The problem. Gather, from the data below, each line in which the word "Products" occurs.

------ Data provided ------

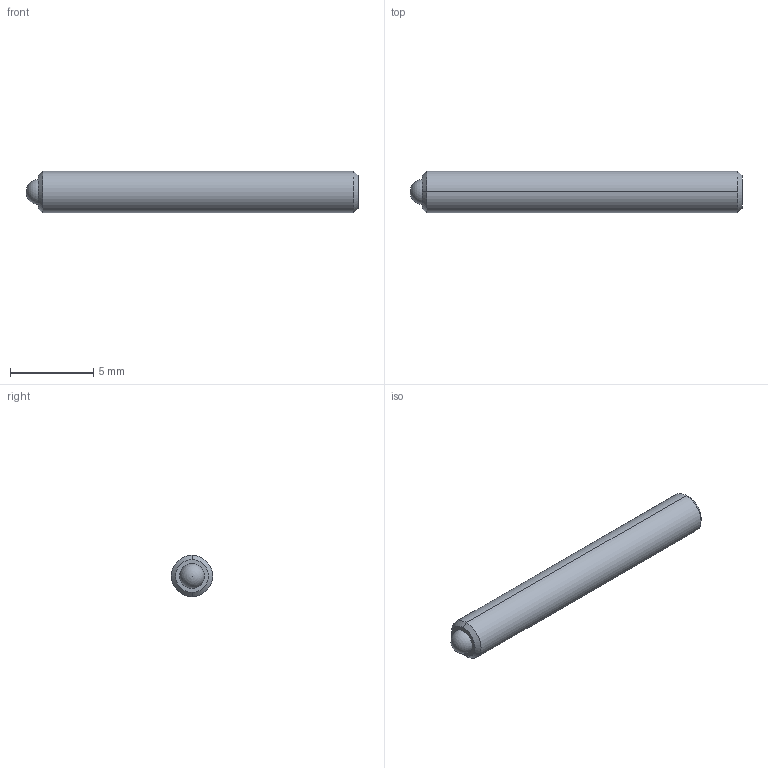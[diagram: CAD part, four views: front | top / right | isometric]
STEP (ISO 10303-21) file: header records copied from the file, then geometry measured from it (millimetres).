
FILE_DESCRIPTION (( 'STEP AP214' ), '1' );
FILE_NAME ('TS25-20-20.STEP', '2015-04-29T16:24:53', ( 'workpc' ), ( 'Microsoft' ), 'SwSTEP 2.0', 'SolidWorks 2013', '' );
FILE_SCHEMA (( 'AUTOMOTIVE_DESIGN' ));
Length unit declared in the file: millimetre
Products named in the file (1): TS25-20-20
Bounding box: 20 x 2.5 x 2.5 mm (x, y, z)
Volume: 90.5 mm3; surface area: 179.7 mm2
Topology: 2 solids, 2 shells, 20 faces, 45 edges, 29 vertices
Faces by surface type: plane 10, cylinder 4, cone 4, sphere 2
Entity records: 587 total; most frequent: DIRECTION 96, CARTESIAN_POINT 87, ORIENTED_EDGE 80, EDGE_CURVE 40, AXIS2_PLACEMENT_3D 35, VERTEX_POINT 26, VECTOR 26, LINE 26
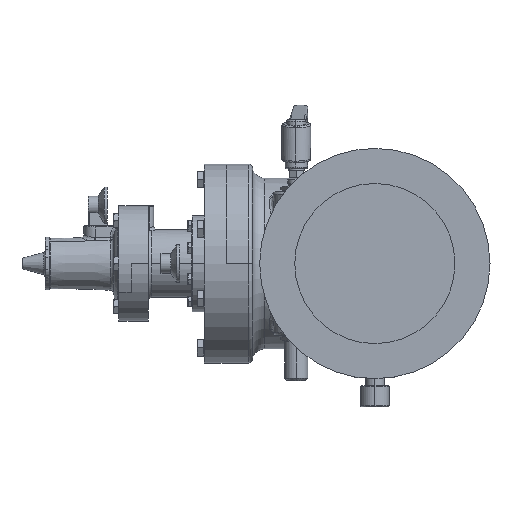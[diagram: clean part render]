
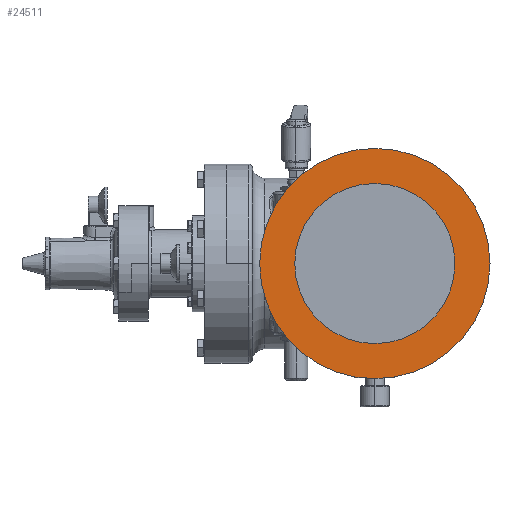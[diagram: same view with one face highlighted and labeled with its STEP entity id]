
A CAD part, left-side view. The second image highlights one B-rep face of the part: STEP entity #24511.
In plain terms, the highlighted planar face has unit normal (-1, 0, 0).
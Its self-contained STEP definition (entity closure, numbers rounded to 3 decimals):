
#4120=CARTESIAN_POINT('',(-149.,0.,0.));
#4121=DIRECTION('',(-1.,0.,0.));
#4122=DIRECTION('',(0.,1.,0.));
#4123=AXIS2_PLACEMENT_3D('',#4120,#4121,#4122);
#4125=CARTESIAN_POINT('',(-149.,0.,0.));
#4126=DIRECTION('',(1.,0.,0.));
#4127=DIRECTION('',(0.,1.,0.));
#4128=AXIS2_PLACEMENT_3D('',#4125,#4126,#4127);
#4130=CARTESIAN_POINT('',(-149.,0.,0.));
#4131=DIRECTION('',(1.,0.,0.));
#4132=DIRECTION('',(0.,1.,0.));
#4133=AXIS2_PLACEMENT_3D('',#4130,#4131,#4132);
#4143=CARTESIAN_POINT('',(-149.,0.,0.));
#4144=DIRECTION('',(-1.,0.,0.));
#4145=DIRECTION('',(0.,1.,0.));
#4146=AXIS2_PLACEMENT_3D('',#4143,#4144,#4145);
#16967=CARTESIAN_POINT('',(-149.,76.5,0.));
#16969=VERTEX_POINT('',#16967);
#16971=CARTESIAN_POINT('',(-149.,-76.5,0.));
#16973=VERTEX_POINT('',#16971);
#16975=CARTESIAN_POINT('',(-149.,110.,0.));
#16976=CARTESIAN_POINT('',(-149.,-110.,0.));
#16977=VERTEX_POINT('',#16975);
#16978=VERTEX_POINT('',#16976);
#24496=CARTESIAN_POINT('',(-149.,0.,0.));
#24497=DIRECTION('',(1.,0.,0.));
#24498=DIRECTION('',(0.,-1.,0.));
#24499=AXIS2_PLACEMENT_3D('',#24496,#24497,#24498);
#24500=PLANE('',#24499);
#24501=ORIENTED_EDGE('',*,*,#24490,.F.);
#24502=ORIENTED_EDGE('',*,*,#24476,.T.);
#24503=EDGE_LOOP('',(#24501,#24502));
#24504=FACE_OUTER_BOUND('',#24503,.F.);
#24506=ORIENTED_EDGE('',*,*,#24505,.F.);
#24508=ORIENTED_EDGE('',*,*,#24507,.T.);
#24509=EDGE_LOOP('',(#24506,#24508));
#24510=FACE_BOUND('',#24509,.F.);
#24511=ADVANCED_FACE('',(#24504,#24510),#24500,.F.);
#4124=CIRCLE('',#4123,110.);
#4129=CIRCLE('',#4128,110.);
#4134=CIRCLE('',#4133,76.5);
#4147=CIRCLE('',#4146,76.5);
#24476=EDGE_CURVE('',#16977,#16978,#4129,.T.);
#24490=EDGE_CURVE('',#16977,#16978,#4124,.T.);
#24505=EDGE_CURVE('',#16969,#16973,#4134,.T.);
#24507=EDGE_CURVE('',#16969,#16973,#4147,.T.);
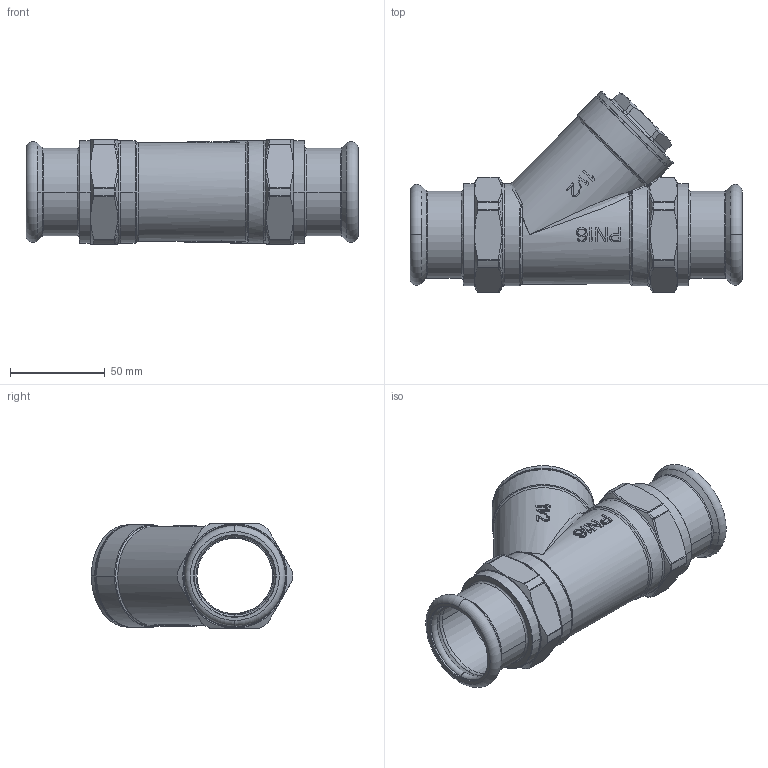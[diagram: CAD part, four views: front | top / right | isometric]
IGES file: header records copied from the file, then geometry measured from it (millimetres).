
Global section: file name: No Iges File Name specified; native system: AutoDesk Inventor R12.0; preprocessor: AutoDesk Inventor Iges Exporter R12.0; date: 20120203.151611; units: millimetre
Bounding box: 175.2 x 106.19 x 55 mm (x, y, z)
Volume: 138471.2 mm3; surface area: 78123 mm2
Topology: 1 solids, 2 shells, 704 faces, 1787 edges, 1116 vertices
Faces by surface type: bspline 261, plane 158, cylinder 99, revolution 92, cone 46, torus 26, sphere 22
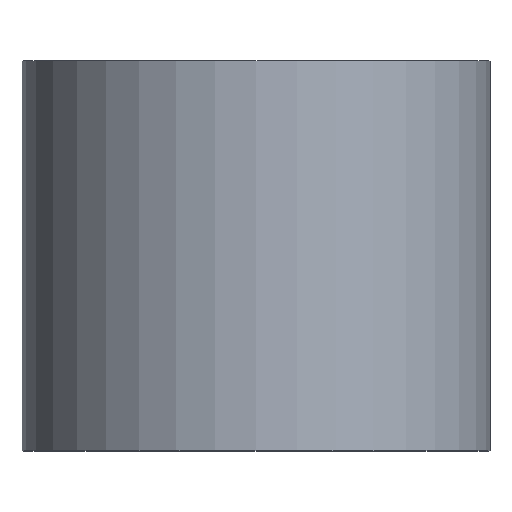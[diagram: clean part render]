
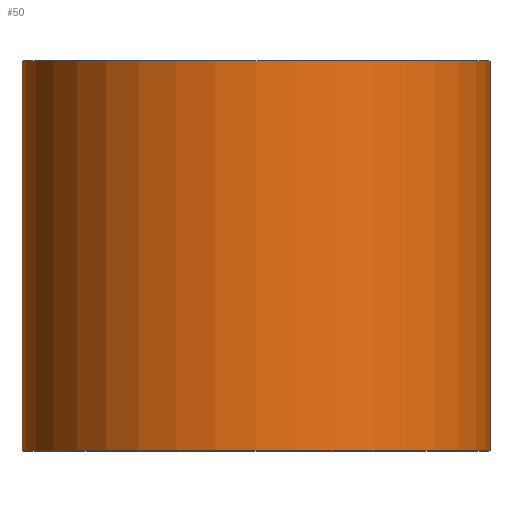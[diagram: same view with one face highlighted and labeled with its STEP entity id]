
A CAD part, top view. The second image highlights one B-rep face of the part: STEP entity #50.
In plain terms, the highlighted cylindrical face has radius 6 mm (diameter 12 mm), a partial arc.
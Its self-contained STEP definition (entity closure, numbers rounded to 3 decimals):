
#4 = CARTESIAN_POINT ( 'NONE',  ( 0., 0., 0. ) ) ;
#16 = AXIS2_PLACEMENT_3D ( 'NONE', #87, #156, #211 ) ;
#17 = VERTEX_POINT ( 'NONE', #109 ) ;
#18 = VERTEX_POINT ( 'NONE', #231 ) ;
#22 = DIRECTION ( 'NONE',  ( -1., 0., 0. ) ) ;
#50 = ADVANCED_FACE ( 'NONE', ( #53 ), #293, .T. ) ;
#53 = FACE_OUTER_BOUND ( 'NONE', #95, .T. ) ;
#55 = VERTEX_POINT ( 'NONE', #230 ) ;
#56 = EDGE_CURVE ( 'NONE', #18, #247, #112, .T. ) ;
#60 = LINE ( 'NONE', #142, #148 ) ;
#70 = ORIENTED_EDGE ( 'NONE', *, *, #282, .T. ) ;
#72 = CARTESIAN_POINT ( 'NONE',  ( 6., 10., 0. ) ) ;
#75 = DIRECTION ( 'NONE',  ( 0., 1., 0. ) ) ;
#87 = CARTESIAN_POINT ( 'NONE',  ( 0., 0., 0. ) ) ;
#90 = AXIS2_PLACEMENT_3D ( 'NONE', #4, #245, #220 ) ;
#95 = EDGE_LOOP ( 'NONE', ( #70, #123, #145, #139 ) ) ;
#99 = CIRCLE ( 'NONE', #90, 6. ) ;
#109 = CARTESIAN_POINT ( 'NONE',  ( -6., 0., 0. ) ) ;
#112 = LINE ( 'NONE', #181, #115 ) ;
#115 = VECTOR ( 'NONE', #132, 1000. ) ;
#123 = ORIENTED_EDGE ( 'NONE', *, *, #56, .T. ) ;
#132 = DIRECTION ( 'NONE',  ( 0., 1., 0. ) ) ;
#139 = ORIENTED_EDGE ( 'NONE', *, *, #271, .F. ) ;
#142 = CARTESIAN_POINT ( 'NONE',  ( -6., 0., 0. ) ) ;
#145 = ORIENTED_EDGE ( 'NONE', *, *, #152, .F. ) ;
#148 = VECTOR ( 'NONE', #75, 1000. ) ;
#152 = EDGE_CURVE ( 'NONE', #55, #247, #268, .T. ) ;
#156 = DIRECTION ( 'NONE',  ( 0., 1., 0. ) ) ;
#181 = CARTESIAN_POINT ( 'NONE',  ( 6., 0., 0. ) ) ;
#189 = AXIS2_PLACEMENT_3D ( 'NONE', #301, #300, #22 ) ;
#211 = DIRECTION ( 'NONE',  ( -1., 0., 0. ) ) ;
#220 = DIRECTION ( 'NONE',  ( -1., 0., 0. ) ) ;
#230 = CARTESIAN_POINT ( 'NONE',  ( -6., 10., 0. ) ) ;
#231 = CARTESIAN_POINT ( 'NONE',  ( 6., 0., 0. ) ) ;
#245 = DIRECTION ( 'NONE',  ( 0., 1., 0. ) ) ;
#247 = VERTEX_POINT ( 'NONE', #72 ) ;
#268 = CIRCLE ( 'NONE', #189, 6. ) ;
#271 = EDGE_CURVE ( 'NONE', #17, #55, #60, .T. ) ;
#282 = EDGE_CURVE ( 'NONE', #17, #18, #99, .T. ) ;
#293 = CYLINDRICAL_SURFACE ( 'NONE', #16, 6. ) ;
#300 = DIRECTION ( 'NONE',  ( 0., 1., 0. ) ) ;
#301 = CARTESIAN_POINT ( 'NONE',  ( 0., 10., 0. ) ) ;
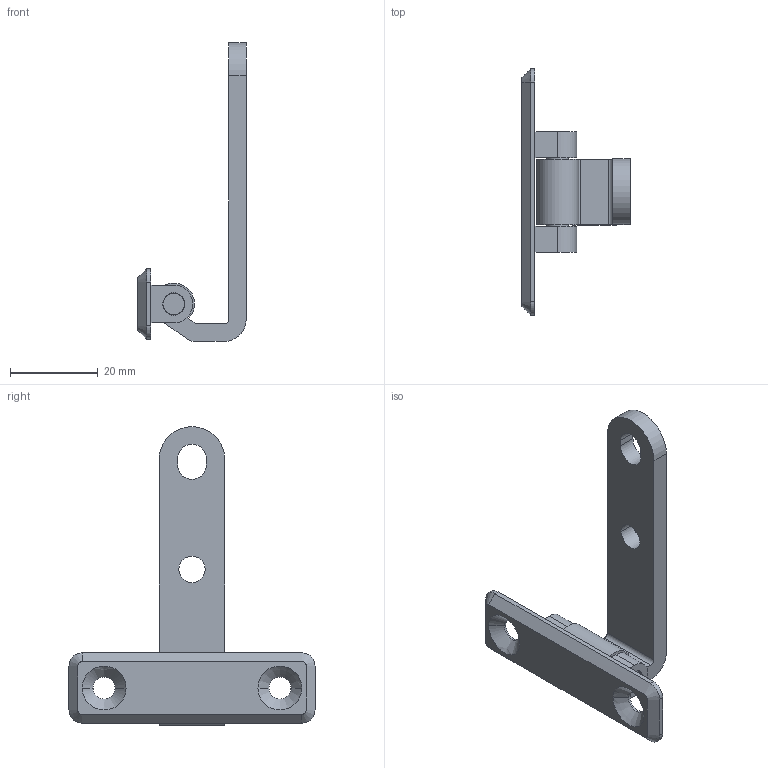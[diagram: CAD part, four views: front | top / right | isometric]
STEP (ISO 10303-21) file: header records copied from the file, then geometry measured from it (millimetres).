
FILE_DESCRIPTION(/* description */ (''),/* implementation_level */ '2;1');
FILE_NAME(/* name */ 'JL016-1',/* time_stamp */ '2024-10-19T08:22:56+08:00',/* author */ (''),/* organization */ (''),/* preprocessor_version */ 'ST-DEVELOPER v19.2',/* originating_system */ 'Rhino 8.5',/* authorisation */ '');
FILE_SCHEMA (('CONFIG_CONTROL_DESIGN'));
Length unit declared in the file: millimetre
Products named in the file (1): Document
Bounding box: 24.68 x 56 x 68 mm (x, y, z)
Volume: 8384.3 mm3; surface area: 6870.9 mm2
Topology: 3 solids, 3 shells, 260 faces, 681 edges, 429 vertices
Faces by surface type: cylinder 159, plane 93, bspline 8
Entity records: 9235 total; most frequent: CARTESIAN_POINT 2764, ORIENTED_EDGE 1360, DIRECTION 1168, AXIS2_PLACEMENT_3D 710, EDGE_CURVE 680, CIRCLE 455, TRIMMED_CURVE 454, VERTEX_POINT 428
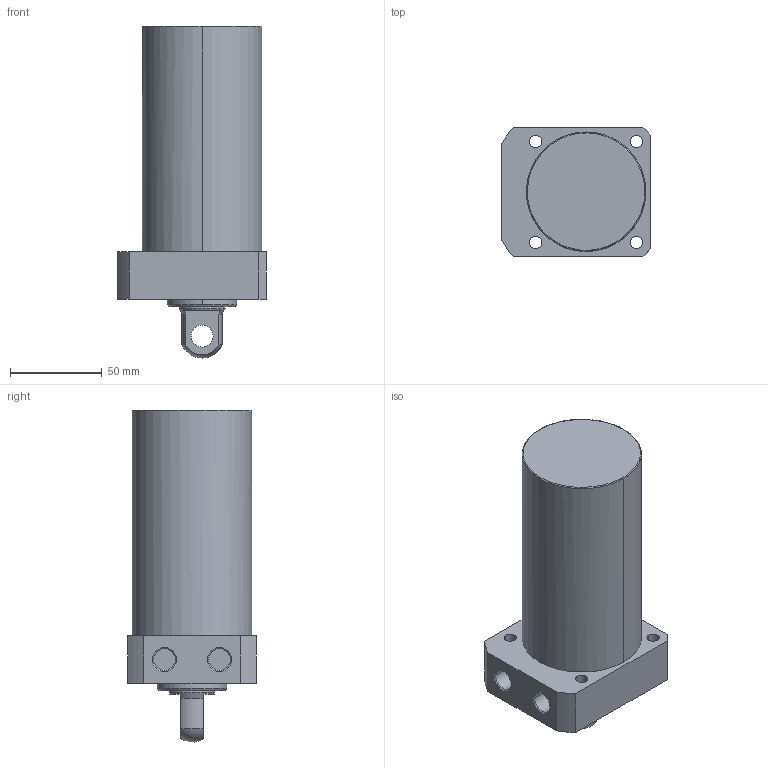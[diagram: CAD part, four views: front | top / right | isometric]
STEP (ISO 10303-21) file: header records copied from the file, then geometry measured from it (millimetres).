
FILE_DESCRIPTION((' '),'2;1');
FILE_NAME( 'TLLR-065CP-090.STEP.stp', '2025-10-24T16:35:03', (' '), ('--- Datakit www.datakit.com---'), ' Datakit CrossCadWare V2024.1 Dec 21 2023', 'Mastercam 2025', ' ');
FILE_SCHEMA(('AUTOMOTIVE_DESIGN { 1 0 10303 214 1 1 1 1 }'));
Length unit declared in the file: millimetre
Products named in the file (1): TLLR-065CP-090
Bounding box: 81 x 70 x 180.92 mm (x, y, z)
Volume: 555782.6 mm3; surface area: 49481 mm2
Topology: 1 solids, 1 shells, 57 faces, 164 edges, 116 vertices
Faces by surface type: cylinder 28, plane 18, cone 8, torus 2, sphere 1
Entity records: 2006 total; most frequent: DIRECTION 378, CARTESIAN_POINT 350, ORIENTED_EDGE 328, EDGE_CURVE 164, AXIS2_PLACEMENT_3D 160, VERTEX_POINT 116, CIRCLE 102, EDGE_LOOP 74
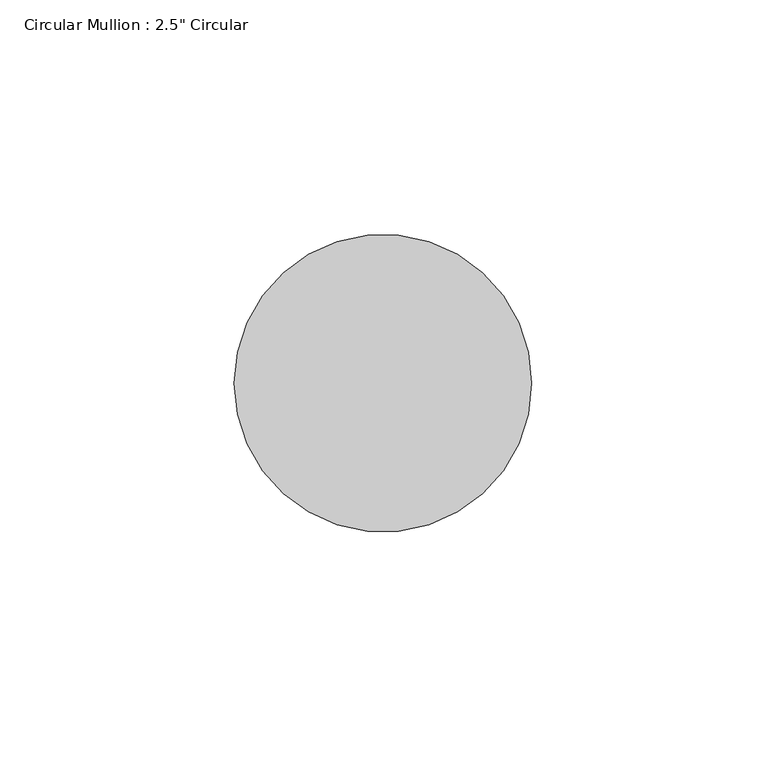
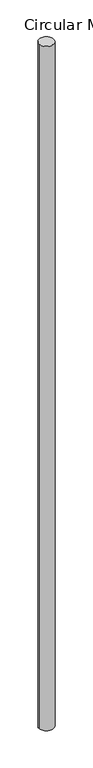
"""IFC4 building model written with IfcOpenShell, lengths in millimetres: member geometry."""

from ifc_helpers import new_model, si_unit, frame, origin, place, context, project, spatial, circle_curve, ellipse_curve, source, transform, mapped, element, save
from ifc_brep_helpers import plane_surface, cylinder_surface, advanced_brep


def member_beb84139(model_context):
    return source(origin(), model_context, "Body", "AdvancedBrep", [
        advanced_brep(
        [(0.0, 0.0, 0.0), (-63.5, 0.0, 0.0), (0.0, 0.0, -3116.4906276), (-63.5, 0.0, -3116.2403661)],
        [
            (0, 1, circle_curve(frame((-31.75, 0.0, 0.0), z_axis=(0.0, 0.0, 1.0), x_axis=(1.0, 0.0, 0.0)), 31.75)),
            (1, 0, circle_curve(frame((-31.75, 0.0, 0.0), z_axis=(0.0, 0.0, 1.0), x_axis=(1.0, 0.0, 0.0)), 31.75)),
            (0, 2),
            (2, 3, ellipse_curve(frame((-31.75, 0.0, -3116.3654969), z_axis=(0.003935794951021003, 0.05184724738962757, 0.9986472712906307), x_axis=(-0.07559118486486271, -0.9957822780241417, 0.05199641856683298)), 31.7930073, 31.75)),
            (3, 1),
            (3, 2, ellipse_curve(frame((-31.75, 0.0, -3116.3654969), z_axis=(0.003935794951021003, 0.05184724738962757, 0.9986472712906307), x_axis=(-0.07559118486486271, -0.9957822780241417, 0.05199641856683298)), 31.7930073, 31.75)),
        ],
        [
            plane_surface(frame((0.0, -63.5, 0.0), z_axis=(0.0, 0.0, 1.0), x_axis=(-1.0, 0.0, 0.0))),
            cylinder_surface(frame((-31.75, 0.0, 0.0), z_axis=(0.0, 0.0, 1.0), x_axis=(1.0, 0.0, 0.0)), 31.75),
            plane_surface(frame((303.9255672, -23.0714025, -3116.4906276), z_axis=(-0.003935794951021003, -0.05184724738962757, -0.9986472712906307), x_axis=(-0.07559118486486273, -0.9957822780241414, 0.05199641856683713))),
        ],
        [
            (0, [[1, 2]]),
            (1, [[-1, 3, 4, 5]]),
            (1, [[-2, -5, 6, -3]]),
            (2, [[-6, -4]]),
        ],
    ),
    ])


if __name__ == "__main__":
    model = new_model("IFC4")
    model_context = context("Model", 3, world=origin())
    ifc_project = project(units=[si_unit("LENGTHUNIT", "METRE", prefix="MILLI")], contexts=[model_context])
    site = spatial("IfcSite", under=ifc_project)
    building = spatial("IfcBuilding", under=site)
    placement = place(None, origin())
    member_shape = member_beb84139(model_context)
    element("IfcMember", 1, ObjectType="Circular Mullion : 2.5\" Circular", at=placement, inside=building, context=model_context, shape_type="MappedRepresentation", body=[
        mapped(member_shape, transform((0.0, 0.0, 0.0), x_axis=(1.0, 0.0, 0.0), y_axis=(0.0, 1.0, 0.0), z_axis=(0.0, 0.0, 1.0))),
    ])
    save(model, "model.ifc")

------

The completed task.
Products named in the file (1): TS25-20-20
Products named in the file (1): Document
Products named in the file (1): TLLR-065CP-090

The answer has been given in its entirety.